Copenhagen Research Center for Mental Health, University of Copenhagen, Copenhagen, Denmark.
Center for Neuropsychiatric Schizophrenia Research, CNSR, and Center for Clinical Intervention and Neuropsychiatric Schizophrenia Research, CINS, Mental Health Centre Glostrup, University of Copenhagen, Copenhagen, Denmark.
Eur Psychiatry. 2020 Aug 7;63(1):e83. doi: 10.1192/j.eurpsy.2020.77.
Cerebral glutamate and gamma-aminobutyric acid (GABA) levels might predict clinical outcome in individuals at ultrahigh risk (UHR) for psychosis but have previously primarily been investigated in smaller cohorts. We aimed to study whether baseline levels of glutamate and GABA in anterior cingulate cortex (ACC) and glutamate in thalamus could predict remission status and whether baseline metabolites differed in the remission versus the nonremission group. We also investigated the relationship between baseline metabolite levels and severity of clinical symptoms, functional outcome, and cognitive deficits at follow-up.
About 124 UHR individuals were recruited at baseline. In this, 74 UHR individuals were clinically and cognitively assessed after 12 months, while remission status was available for 81 (25 remission/56 nonremission). Glutamate and GABA levels were assessed at baseline using 3 T proton magnetic resonance spectroscopy. Psychopathology, symptom severity, and remission were assessed with the Comprehensive Assessment of At-Risk Mental States and Clinical Global Impression and functional outcome with the Social and Occupational Functioning Assessment Scale. Cognitive function was estimated with the Cambridge Neuropsychological Test Automated Battery.

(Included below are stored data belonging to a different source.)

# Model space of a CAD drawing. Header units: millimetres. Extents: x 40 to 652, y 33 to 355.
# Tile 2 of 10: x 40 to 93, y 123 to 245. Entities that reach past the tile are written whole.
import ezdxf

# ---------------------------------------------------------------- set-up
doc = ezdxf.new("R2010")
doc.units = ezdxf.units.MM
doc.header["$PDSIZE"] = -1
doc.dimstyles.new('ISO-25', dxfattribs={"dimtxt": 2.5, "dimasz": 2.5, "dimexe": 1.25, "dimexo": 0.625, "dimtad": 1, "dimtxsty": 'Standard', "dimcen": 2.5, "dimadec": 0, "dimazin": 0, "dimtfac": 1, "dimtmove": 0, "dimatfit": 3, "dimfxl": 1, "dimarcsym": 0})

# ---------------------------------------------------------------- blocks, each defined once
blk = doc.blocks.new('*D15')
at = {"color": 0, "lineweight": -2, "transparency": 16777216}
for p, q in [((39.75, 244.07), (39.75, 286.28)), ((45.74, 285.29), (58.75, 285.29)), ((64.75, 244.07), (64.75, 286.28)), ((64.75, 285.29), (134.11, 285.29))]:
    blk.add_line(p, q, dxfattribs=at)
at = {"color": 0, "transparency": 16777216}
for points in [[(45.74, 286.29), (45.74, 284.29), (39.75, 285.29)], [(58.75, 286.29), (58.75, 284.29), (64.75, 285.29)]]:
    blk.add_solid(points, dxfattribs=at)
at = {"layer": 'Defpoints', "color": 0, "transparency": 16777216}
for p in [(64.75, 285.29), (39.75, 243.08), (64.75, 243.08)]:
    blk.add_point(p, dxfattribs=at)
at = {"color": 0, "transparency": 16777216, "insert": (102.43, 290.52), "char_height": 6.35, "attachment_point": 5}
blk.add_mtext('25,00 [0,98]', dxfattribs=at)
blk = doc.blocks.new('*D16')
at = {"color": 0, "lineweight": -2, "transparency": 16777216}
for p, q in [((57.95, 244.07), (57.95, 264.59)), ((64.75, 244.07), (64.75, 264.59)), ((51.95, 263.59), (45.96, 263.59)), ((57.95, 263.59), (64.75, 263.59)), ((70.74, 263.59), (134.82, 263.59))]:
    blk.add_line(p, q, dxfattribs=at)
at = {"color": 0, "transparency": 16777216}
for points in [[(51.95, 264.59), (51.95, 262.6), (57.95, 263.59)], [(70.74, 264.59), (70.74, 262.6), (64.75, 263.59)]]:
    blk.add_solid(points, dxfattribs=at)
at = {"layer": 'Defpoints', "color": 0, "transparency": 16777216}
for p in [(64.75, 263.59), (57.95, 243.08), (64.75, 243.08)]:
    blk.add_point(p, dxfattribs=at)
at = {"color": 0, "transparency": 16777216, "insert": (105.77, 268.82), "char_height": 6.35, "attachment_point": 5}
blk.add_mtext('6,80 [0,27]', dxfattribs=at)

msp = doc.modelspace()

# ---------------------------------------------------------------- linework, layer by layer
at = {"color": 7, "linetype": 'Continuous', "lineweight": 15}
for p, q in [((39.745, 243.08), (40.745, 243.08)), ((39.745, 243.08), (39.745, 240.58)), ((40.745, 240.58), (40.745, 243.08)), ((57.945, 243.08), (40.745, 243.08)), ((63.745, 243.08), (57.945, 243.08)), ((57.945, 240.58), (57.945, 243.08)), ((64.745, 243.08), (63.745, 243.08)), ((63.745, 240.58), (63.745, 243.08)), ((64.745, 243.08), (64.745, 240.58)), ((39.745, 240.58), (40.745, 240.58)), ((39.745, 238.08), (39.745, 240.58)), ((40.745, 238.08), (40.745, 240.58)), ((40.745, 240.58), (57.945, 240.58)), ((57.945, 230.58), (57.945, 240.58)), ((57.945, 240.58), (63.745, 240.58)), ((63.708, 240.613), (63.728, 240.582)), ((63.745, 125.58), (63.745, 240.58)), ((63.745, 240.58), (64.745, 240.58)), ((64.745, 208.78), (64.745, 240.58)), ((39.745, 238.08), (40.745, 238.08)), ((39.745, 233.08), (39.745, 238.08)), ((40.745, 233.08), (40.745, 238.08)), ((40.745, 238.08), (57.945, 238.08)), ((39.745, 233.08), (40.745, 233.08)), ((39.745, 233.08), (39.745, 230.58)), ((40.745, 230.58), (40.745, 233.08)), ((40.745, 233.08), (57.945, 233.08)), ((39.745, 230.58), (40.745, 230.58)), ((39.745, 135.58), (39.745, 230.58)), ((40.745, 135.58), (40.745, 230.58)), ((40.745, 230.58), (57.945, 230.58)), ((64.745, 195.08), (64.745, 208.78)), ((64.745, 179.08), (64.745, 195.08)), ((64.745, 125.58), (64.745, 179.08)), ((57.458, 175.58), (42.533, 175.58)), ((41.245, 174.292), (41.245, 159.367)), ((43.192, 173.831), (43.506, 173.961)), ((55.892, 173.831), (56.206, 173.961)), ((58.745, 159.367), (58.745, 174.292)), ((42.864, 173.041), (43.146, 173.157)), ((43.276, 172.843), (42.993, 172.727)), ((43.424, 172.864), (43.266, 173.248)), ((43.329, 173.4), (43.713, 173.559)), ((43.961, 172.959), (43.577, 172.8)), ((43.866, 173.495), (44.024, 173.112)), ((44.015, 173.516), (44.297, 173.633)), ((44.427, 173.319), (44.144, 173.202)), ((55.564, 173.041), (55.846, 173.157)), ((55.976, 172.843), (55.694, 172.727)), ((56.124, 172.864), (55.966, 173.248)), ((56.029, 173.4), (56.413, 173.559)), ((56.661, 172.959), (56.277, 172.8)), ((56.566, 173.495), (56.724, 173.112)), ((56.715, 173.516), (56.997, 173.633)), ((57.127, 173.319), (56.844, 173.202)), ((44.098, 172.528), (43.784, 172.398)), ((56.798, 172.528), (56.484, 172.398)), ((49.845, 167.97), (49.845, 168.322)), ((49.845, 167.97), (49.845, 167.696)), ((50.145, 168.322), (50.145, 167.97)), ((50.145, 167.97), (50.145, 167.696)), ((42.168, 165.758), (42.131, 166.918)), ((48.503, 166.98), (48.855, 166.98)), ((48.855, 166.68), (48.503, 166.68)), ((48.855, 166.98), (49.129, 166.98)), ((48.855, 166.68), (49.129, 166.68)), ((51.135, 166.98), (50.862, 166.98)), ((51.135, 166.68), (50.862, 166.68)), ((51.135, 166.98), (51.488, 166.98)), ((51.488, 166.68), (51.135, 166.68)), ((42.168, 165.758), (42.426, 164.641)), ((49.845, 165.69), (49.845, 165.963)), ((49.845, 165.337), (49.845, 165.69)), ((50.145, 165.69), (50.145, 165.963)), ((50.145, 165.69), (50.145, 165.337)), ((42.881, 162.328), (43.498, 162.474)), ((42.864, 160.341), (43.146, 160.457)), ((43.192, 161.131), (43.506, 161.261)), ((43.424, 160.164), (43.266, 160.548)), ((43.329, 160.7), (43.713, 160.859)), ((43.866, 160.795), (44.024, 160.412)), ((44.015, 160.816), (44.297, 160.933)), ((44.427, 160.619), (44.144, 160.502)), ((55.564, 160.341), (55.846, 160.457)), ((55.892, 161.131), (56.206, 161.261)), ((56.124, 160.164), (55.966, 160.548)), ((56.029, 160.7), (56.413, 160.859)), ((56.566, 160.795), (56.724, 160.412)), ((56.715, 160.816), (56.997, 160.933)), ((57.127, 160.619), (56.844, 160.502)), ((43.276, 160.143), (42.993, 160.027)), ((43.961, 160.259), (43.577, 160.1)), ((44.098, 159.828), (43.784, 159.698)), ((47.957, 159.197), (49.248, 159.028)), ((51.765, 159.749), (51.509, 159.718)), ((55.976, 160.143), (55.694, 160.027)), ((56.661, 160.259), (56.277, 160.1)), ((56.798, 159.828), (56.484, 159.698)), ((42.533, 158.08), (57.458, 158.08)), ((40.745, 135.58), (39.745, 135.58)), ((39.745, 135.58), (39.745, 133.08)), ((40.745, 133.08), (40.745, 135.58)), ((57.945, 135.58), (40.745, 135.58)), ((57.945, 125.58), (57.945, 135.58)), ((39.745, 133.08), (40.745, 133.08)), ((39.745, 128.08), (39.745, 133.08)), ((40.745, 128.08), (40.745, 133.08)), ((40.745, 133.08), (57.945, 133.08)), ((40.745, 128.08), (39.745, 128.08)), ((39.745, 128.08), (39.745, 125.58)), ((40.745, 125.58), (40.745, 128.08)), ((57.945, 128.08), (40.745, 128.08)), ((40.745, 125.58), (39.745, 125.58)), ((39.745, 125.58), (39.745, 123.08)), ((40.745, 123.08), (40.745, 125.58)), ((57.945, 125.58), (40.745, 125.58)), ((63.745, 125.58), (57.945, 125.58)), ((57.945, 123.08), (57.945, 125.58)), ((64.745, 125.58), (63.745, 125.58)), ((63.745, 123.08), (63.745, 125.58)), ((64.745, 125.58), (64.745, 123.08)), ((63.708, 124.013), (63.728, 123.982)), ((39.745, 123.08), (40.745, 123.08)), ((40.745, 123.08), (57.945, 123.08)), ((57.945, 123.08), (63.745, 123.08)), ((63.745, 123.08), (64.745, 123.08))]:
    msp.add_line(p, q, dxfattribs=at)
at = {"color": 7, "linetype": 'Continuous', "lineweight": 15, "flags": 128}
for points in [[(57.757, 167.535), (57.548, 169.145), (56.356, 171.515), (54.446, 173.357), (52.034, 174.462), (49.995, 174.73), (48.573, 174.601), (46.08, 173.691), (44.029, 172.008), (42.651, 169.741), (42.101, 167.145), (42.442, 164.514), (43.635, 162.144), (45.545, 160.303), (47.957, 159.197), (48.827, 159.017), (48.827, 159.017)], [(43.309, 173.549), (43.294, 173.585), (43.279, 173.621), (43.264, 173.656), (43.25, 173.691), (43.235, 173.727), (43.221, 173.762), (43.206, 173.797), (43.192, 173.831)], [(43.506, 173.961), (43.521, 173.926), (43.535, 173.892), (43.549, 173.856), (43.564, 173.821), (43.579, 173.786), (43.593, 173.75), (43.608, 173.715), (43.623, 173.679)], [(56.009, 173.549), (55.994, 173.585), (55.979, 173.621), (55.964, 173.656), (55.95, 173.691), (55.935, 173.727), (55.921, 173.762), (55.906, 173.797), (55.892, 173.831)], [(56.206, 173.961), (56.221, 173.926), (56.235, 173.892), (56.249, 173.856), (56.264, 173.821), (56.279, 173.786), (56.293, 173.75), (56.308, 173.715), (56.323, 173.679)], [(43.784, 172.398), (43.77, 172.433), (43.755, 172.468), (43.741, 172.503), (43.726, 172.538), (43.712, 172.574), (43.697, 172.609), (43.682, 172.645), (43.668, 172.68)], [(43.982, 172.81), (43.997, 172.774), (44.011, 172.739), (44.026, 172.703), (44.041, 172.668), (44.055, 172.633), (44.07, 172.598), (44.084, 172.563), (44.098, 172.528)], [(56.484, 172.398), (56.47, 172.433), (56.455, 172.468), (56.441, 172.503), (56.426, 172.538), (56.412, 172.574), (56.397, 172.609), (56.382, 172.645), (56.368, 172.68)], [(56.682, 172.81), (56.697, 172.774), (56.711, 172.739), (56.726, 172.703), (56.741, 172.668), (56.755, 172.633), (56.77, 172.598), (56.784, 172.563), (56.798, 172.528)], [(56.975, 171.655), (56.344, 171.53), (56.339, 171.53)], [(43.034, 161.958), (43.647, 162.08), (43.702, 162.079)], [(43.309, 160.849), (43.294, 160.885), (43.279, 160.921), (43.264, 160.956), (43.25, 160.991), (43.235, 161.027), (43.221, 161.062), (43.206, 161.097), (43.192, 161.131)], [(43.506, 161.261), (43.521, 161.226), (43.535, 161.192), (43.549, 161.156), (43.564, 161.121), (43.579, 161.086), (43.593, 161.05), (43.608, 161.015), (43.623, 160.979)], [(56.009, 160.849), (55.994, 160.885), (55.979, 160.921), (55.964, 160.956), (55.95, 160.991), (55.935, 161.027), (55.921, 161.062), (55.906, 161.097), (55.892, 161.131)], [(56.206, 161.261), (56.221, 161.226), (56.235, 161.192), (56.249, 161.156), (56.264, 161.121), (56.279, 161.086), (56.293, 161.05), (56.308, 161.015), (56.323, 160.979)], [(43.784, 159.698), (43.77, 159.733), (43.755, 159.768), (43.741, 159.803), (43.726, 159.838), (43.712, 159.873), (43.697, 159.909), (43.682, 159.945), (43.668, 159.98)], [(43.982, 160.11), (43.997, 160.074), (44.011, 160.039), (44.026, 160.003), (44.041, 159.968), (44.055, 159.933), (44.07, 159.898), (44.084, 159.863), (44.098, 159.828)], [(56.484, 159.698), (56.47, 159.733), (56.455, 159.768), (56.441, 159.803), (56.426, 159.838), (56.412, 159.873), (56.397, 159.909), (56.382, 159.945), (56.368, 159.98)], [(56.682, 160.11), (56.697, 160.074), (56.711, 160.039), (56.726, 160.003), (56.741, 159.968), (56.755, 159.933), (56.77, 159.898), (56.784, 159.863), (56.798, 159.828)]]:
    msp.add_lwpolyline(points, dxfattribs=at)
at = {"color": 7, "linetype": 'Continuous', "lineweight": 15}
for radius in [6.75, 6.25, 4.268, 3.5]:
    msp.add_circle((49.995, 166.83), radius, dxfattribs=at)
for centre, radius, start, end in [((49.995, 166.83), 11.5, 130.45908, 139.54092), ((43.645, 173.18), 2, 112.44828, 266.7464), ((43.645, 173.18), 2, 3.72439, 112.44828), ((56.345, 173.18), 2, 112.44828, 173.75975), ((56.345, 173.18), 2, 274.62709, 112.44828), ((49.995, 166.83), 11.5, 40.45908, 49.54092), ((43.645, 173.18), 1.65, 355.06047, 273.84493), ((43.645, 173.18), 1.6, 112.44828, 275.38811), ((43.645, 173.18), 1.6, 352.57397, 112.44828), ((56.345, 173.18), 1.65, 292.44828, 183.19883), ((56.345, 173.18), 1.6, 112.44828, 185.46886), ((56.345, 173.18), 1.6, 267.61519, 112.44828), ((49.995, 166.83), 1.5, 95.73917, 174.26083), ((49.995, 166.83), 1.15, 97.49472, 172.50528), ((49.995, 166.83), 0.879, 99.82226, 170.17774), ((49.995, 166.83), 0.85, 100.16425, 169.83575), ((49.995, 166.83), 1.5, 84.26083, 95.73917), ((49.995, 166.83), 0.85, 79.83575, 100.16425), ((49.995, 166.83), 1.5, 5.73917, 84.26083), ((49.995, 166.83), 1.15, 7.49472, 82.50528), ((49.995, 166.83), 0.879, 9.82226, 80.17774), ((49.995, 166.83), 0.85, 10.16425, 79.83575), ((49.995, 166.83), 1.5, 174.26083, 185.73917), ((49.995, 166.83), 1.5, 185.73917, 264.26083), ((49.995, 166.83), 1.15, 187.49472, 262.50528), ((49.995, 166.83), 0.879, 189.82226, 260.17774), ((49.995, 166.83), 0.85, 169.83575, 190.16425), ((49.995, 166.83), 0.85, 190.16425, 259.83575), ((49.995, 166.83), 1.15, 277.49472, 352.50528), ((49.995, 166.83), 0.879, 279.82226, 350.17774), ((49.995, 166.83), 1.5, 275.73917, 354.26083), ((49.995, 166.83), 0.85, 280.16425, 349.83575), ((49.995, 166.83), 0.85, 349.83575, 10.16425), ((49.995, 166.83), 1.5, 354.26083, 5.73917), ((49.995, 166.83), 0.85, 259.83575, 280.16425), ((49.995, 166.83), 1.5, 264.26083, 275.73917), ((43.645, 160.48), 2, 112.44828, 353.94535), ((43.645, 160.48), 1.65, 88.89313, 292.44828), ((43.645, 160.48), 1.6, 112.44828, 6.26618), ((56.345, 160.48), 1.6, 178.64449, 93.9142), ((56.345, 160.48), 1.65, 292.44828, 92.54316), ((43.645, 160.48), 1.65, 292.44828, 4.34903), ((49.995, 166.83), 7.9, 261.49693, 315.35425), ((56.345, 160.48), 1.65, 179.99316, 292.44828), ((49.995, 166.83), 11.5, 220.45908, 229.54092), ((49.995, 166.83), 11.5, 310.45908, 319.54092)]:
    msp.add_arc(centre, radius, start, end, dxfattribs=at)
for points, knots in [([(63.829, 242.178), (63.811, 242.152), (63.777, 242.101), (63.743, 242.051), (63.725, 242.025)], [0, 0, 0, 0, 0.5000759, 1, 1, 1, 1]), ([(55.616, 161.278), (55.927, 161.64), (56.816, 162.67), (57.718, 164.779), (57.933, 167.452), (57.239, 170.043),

There were no differences between baseline glutamate and GABA levels in subjects in the nonremission group compared with the remission group, and baseline metabolites could not predict remission status. However, higher baseline levels of GABA in ACC were associated with clinical global improvement (r = -0.34, N = 51, p = 0.01) in an explorative analysis.
The variety in findings across studies suggests a probable multifactorial influence on clinical outcome in UHR individuals. Future studies should combine multimodal approaches to attempt prediction of long-term outcome.
大脑谷氨酸和γ-氨基丁酸(GABA)水平可能预测精神病超高危(UHR)个体的临床结局,但以前主要在较小的队列中进行了研究。我们旨在研究前扣带回皮层(ACC)谷氨酸和 GABA 的基线水平以及丘脑谷氨酸是否可以预测缓解状态,以及缓解组与非缓解组的基线代谢物是否存在差异。我们还研究了基线代谢物水平与随访时临床症状严重程度、功能结局和认知缺陷之间的关系。
大约 124 名 UHR 个体在基线时被招募。在这 124 名个体中,74 名 UHR 个体在 12 个月后进行了临床和认知评估,而缓解状态可用于 81 名个体(25 名缓解/56 名非缓解)。使用 3T 质子磁共振波谱法在基线时评估谷氨酸和 GABA 水平。使用《风险精神状态综合评估》和《临床总体印象》评估精神病学、症状严重程度和缓解情况,使用《社会和职业功能评估量表》评估功能结局,使用《剑桥神经心理测试自动电池》评估认知功能。
在非缓解组和缓解组的受试者中,基线谷氨酸和 GABA 水平没有差异,基线代谢物也不能预测缓解状态。然而,在一项探索性分析中,ACC 中较高的基线 GABA 水平与临床总体改善呈正相关(r=-0.34,N=51,p=0.01)。
研究结果的多样性表明,超高危个体的临床结局可能受到多种因素的影响。未来的研究应结合多模态方法,尝试预测长期结局。